By John Frederick Moore
The idea for performing a selection of tunes from Philadelphia jazz greats had a rather bureaucratic genesis — a planning session with the music department’s dean. Good thing it was Temple University’s music department, whose faculty is loaded with heavy hitters. That’s why you’ll likely find yourself bopping, dancing and generally vibing along with the Temple Jazz Sextet’s
Fly Like the Wind (BCM+D).
The album’s four tracks include compositions by Jimmy Heath, McCoy Tyner, John Coltrane and Lee Morgan. The group features Terell Stafford, the heralded trumpet player and director of jazz studies at Temple’s Boyer College of Music and Dance; tenor saxophonist Tim Warfield; alto saxophonist Dick Oatts; drummer Justin Faulkner; and bassist Mike Boone.
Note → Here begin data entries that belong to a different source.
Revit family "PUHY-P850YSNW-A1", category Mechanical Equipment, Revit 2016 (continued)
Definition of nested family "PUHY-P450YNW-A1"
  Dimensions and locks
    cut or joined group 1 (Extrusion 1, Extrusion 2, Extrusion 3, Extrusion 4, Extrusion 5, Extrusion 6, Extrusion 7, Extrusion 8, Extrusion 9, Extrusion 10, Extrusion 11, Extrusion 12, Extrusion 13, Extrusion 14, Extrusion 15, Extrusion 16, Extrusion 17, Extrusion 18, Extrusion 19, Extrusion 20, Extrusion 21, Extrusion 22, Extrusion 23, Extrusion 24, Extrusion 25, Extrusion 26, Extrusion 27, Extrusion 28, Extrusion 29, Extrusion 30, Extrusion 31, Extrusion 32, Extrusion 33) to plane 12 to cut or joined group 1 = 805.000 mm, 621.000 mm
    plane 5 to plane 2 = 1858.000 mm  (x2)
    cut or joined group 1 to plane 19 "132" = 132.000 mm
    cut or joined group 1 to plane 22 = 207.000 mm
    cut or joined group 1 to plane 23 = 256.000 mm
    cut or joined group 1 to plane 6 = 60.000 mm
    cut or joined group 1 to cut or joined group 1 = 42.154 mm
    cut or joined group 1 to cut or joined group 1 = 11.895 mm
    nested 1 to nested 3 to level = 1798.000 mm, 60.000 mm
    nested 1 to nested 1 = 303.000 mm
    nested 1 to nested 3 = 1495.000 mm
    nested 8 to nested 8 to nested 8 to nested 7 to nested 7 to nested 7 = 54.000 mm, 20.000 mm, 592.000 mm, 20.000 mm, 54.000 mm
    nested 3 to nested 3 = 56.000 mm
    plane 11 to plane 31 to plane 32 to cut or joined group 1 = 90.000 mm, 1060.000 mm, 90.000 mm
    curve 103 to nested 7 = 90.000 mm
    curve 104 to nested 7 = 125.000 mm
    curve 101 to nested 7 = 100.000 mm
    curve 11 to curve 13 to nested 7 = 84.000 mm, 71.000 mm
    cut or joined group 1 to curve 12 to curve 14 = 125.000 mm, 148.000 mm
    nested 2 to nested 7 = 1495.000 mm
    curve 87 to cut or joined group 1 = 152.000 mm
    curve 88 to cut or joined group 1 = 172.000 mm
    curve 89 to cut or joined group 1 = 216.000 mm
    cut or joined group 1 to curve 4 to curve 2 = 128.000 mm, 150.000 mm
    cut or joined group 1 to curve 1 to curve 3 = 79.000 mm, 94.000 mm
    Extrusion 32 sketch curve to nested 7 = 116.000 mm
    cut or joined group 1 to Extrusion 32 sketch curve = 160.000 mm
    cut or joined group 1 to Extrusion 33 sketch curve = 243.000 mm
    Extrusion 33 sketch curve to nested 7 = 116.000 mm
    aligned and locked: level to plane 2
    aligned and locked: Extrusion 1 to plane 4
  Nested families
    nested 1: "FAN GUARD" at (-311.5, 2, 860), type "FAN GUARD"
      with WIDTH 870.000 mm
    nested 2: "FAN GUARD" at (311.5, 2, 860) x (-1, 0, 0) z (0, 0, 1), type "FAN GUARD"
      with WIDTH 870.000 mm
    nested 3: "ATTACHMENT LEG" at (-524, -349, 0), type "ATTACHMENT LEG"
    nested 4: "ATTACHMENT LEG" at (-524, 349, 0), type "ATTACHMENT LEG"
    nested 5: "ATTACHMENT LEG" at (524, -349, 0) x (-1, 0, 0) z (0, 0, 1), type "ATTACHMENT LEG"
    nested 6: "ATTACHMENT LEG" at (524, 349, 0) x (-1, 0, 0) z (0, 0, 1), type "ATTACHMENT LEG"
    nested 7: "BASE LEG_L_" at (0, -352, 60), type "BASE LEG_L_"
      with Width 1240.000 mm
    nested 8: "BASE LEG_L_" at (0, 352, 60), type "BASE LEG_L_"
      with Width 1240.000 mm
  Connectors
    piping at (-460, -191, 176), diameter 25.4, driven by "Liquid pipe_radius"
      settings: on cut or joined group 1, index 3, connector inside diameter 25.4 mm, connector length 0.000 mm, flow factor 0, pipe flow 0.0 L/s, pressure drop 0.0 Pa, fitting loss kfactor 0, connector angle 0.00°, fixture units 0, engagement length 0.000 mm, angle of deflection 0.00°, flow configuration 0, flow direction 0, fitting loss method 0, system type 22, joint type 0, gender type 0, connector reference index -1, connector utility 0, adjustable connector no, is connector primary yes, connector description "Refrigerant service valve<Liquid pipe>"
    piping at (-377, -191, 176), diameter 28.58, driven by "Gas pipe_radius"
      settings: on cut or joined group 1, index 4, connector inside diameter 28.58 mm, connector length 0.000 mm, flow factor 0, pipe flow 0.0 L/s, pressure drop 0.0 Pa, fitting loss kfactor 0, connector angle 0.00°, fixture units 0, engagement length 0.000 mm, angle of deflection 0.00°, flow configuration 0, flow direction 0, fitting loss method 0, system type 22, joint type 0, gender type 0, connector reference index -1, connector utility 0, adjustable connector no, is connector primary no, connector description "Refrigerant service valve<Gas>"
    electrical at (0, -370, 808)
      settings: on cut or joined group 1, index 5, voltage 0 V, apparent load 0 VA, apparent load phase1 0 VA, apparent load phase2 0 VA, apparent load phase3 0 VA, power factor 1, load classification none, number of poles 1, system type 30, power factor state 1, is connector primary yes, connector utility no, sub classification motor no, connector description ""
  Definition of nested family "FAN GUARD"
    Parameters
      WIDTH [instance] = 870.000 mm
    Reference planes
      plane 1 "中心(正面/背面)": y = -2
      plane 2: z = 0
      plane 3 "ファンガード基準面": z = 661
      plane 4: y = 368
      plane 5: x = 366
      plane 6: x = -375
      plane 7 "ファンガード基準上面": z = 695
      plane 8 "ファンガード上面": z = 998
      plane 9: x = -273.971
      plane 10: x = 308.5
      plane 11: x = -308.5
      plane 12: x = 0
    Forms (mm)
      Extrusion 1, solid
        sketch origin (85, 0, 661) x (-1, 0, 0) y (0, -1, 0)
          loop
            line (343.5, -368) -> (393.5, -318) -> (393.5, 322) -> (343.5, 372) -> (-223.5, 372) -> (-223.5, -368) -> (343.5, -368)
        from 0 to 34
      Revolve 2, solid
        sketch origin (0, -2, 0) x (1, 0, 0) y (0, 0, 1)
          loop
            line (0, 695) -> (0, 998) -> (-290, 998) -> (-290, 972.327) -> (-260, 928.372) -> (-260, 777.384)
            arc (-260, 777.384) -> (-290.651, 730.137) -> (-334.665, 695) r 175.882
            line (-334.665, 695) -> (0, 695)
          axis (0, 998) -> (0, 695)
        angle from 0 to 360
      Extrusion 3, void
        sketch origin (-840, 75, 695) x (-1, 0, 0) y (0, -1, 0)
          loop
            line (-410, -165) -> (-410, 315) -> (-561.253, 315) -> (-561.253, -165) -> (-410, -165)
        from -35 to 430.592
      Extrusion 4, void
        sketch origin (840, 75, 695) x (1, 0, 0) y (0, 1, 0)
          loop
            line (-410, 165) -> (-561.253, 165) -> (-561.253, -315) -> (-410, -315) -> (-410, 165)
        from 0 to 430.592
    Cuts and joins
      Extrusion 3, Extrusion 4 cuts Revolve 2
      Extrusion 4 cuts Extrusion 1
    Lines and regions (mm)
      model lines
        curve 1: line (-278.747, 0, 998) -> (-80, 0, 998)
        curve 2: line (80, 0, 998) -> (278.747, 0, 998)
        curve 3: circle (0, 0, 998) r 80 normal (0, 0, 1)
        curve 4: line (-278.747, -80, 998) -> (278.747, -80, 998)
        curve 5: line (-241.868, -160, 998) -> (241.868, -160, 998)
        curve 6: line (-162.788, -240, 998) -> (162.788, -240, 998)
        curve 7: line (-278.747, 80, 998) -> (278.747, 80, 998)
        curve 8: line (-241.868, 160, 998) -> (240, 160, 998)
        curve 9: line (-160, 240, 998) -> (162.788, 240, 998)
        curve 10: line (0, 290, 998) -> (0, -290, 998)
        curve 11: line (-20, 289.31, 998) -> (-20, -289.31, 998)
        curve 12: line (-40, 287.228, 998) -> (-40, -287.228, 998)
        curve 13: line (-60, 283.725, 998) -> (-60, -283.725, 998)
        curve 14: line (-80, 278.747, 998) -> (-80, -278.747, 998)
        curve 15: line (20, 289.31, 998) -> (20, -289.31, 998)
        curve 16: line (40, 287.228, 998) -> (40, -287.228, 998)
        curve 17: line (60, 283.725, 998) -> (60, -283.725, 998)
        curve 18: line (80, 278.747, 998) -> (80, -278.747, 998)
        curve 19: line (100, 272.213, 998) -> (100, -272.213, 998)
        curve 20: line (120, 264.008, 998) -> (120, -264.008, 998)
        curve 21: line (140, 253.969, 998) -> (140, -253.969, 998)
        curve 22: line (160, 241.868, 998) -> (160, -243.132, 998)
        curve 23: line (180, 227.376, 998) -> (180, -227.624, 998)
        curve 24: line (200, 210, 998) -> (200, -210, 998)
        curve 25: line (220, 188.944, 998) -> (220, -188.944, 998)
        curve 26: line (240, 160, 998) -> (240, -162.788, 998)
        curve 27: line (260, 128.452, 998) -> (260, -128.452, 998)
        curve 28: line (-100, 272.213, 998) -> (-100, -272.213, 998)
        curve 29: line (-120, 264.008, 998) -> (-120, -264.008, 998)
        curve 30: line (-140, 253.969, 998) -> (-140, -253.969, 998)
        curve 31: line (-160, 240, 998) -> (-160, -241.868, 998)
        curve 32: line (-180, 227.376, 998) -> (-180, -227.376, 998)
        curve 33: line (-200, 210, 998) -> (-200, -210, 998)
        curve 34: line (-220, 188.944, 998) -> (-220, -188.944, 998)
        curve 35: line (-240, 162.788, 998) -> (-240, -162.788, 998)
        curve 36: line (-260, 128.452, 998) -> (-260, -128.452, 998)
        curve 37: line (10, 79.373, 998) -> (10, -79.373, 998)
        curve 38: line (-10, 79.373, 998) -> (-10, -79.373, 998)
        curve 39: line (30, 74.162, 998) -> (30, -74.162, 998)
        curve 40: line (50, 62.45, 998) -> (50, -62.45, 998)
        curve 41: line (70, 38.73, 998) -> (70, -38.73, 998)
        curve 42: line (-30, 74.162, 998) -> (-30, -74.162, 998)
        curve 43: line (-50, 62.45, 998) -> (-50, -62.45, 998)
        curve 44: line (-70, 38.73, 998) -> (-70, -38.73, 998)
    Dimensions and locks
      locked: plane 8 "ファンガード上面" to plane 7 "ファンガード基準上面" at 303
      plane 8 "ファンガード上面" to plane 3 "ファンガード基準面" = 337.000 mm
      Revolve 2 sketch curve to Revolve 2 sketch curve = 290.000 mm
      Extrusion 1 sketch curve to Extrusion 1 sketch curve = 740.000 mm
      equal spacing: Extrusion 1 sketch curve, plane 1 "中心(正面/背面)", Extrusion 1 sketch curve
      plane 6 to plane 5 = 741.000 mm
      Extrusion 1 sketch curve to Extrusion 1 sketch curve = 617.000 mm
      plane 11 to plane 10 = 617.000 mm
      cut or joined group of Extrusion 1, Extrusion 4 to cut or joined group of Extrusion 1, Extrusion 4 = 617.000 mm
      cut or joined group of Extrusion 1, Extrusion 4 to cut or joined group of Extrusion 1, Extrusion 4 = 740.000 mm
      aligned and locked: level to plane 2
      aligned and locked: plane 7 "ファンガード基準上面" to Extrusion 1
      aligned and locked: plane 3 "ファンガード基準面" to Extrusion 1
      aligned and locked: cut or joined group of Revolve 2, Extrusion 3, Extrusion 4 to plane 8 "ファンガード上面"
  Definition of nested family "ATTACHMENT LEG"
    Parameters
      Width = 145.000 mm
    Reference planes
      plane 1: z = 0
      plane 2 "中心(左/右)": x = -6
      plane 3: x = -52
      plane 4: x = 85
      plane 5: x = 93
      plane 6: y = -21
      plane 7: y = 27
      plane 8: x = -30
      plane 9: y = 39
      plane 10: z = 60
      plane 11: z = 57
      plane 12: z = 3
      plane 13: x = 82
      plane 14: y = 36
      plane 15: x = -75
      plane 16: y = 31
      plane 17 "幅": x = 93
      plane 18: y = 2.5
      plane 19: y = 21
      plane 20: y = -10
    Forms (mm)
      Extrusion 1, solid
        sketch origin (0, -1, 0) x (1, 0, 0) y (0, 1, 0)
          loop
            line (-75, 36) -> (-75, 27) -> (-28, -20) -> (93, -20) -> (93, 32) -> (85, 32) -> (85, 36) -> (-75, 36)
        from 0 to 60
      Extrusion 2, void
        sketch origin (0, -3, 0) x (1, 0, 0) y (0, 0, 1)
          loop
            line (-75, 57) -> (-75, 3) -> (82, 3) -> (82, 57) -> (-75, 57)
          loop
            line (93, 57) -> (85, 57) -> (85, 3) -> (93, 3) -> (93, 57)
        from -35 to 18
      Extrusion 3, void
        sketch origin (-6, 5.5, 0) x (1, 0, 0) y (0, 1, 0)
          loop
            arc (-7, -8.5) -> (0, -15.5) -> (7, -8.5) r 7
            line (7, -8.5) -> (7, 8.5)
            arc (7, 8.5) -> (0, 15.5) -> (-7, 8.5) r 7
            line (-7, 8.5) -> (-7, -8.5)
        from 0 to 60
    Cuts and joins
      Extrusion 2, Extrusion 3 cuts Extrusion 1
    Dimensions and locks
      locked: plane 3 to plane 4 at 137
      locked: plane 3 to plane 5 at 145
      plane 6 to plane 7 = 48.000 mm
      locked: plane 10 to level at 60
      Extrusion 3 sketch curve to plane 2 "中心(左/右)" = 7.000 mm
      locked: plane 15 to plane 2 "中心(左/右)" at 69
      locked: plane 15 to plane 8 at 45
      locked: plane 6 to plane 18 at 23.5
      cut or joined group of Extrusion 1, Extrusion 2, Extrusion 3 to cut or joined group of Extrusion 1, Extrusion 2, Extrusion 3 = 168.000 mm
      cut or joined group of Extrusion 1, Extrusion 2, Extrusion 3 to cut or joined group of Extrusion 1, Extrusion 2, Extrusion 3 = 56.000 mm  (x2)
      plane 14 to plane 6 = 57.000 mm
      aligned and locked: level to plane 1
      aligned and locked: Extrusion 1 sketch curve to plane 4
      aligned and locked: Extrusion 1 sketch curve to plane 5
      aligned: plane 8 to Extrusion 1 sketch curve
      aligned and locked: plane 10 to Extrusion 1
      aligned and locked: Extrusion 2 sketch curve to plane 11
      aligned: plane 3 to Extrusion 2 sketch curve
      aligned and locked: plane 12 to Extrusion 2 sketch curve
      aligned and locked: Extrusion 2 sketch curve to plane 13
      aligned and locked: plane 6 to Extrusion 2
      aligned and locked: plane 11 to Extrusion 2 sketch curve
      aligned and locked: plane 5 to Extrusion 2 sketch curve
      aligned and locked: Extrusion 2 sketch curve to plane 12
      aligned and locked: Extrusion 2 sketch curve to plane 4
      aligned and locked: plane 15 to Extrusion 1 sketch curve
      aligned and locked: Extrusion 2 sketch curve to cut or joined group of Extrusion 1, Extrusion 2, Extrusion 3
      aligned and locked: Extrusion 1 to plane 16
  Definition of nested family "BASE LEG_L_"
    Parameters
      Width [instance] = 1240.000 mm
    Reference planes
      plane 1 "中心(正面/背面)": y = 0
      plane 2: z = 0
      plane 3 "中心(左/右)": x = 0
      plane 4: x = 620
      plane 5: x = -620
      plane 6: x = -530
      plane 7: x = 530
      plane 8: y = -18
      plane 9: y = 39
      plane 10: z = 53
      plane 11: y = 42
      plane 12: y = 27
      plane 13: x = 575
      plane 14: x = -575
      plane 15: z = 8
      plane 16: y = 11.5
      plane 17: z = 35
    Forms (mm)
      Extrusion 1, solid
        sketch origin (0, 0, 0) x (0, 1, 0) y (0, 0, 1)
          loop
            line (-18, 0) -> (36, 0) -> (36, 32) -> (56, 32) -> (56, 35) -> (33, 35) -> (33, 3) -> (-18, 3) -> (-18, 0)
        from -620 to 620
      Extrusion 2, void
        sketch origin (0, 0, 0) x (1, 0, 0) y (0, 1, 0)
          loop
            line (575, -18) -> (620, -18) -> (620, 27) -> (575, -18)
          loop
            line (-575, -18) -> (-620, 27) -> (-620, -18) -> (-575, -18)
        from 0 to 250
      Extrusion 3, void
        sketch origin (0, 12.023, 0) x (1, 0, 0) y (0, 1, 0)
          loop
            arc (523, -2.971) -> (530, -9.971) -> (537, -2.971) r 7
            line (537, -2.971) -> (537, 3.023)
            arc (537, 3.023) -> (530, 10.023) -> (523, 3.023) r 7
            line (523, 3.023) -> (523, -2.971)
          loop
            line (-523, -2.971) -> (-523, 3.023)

Bruce Barth, a member of Stafford’s bands for more than 15 years, played piano and wrote the arrangements.
“Terell gave me carte blanche to choose [the material],” Barth says in a video conference call that also includes Stafford. “Two of the first names that come to mind, of course, are the great John Coltrane and McCoy Tyner.” There were personal connections, as well. Stafford toured extensively with Tyner, and Heath was a mentor and father figure who gave several performances at the university. In 2015, Stafford’s quintet recorded an album of Morgan’s music called
Brotherlee Love.
Barth’s arrangements add new dimensions while keeping the spirit of the originals. Coltrane’s classic ballad “Naima” features a tender solo by Boone and a reharmonization of the theme that retains the tune’s inherent beauty. For Morgan’s ultra-funky “Yes I Can, No You Can’t,” Barth added a drum feature for Faulkner and a shout chorus — an element more typically featured in big band arrangements. But it was the title track, a somewhat lesser-known Tyner piece, that proved the most challenging. The original features a string section that adds a sense of majesty to Tyner’s soaring melodies. The sextet’s version maintains the orchestral sweep while paring it down to the essentials.
“Normally, McCoy would build with his incredible playing,” Barth explains. “In this case, I wanted to have the build happen under the ensemble part — partly through repetition, partly through the horn lines changing a little bit. For me that was a challenge, just to have it build and to write things for the horns that weren’t there in the original.”
Stafford laughs at Barth’s modest proclamations that he “didn’t do too much” to the material. But Barth’s skills as an arranger, Stafford says, extend beyond technical matters. “The music he wrote, he wrote it for each one of us and who we are as people. Bruce always finds a way to bring love and soul and joy to the music, and when we play it, that’s what we all feel. We laugh and we have fun, and it’s a community. It’s beautiful.”
“I have relationships with these musicians that go back decades,” Barth says. “At one point I told Terell that I felt like the pencil was moving on its own on the paper. Because when you’re playing for your friends, your colleagues, there’s something very inspiring. Hearing their voices, hearing their sounds, there’s something just very natural that happens.”
Stafford has been Temple’s director of jazz studies for more than 20 years. In that time, he’s raised the profile of the program with the success of the student jazz band. But the opportunity to showcase the faculty with this record has been especially rewarding.
“It’s an honor to say we have great students, and they do great things,” Stafford says. “But don’t forget, these great students come from these great faculty who nurture them, mentor them and work as one. So the students see us working and coming together and respecting one another and having fun, then they want to do that.”
For Stafford, a similar cycle occurs through honoring the music of the city’s jazz greats. “Just hearing the record describes the sound of Philadelphia,” he says. “The soulfulness, the camaraderie, the talent. And I think that talent and that gift has been passed along to the faculty and then passed along to the students.”